TASK:
All lines from the start of the listing below through the line containing "doc.units = 0" are to be written out again exactly, and no others.

-- Opening Marker --

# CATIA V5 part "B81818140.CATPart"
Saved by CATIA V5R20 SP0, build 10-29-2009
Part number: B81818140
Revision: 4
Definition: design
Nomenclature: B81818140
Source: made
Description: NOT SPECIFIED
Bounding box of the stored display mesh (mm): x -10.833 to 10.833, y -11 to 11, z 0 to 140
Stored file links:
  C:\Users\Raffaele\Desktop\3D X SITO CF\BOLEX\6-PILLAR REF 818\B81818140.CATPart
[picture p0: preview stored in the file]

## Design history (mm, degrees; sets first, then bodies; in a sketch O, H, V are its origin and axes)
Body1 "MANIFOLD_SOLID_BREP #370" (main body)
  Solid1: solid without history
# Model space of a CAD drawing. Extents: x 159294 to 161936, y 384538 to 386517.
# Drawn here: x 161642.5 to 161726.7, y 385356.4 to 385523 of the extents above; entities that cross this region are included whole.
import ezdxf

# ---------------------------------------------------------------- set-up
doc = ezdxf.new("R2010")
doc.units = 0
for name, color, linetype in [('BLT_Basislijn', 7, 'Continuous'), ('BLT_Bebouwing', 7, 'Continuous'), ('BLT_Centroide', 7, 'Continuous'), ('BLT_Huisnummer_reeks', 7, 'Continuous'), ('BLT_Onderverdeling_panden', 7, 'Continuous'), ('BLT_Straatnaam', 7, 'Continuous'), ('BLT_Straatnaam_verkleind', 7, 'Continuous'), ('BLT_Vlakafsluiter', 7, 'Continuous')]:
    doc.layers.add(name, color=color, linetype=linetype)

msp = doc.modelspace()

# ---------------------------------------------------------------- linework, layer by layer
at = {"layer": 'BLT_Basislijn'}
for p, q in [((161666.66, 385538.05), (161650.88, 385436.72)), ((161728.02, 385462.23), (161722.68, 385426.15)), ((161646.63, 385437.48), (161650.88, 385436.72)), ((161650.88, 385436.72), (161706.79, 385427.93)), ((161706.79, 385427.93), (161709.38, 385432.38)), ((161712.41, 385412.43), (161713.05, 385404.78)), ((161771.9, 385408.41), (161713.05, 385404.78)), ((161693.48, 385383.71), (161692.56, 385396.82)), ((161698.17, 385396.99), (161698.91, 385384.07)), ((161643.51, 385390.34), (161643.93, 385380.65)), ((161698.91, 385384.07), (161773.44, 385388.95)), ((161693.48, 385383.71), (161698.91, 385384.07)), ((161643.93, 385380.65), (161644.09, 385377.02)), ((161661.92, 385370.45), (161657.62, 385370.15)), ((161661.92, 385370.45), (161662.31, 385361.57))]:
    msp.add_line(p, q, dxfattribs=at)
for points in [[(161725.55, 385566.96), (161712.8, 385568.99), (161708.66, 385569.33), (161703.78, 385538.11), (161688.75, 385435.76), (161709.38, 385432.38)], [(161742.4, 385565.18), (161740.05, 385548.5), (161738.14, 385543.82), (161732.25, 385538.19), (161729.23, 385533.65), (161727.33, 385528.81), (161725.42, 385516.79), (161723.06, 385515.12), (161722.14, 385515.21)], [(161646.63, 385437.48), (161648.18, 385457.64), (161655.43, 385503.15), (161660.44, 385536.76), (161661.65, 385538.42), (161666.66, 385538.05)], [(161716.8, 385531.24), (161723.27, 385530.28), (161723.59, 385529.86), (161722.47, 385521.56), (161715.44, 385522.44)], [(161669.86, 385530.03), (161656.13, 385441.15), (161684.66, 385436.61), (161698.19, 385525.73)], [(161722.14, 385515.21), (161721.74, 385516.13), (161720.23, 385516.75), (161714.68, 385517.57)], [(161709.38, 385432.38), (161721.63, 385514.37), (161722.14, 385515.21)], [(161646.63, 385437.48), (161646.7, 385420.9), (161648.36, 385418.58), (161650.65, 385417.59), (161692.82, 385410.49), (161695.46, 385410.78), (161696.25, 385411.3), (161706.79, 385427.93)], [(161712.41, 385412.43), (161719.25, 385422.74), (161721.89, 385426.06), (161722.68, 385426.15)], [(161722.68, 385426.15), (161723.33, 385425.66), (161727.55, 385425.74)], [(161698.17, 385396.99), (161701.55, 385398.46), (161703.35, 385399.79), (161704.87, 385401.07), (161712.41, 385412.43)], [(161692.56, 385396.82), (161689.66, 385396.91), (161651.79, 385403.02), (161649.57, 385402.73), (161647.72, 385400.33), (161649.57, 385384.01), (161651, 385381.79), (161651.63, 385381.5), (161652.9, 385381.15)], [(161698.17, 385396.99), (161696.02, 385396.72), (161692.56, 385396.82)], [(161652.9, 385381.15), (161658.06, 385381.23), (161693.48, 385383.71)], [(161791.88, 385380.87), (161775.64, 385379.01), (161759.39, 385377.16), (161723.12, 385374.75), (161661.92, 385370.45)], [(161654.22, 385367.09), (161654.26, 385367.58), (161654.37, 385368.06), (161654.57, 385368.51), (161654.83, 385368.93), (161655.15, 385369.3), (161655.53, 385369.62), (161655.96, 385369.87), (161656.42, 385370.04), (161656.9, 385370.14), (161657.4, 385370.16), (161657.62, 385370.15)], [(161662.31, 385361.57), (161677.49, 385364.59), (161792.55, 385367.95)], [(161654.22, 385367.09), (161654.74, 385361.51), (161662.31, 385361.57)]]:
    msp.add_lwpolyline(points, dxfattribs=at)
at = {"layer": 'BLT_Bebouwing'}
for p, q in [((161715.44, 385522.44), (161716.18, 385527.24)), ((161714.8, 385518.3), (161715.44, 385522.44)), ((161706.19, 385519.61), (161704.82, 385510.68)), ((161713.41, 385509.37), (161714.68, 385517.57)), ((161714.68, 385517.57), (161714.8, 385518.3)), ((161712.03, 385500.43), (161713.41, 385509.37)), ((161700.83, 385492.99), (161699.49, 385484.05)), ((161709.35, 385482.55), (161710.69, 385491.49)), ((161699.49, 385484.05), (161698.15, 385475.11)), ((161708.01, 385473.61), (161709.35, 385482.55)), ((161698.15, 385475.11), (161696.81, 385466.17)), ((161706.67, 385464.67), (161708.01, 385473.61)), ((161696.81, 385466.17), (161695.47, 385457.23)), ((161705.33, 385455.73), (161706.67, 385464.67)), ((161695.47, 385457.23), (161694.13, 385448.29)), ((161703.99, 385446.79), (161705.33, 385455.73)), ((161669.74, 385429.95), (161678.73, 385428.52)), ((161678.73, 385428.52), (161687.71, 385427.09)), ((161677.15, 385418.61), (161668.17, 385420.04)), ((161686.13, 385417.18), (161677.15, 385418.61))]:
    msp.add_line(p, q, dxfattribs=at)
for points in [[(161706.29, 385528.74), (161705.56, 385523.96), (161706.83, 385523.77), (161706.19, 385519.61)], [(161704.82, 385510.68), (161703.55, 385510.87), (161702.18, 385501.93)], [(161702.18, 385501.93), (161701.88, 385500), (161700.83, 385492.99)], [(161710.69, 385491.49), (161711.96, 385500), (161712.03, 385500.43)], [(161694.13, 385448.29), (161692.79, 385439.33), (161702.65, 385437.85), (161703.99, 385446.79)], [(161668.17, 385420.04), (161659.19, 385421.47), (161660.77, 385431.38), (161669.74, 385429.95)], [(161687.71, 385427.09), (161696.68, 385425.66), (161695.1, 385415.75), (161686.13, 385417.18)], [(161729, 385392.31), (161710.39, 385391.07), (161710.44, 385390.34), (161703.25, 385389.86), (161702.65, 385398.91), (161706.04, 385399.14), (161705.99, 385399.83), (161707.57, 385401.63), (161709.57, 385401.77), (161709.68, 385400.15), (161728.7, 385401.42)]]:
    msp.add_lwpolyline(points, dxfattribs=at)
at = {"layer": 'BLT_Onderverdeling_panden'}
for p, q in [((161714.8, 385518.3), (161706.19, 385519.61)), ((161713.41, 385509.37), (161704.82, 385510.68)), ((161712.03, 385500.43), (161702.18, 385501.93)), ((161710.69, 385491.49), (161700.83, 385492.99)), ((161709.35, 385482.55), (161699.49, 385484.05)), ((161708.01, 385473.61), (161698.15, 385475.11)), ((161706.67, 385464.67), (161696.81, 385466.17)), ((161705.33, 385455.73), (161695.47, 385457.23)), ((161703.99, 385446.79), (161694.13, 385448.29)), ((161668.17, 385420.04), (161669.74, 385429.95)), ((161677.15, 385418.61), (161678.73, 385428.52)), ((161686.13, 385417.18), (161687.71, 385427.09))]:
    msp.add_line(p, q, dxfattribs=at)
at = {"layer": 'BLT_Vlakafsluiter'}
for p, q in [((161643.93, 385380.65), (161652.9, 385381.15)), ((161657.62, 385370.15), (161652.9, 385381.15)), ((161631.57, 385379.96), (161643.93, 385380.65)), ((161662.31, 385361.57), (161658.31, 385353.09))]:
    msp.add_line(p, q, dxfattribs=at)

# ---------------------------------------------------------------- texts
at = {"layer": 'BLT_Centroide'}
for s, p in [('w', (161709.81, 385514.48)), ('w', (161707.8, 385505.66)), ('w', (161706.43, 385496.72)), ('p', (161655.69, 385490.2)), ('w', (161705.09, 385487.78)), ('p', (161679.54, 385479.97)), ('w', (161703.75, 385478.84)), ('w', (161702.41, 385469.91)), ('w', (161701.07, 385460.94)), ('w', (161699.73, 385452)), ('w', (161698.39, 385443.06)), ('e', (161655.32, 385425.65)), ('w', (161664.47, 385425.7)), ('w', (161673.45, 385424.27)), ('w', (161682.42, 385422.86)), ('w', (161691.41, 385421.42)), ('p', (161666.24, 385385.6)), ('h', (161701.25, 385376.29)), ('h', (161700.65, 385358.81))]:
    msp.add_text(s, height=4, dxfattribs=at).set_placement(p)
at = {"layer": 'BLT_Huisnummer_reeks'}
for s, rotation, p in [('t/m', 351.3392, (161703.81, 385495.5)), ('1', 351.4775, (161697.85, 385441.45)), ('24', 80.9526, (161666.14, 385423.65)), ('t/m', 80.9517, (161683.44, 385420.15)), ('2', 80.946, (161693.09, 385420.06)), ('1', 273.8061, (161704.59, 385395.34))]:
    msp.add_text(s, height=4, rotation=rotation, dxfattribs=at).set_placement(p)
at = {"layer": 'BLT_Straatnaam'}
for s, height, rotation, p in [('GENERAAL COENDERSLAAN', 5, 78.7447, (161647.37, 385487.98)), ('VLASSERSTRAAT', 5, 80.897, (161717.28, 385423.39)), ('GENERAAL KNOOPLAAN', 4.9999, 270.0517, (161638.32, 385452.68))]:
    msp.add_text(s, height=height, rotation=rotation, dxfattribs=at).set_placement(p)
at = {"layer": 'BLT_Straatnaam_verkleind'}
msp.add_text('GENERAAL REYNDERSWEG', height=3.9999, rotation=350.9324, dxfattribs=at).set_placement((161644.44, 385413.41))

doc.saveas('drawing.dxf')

-- Closing Marker --

YOUR SOLUTION:
# CATIA V5 part "B81818140.CATPart"
Saved by CATIA V5R20 SP0, build 10-29-2009
Part number: B81818140
Revision: 4
Definition: design
Nomenclature: B81818140
Source: made
Description: NOT SPECIFIED
Bounding box of the stored display mesh (mm): x -10.833 to 10.833, y -11 to 11, z 0 to 140
Stored file links:
  C:\Users\Raffaele\Desktop\3D X SITO CF\BOLEX\6-PILLAR REF 818\B81818140.CATPart
[picture p0: preview stored in the file]

## Design history (mm, degrees; sets first, then bodies; in a sketch O, H, V are its origin and axes)
Body1 "MANIFOLD_SOLID_BREP #370" (main body)
  Solid1: solid without history
# Model space of a CAD drawing. Extents: x 159294 to 161936, y 384538 to 386517.
# Drawn here: x 161642.5 to 161726.7, y 385356.4 to 385523 of the extents above; entities that cross this region are included whole.
import ezdxf

# ---------------------------------------------------------------- set-up
doc = ezdxf.new("R2010")
doc.units = 0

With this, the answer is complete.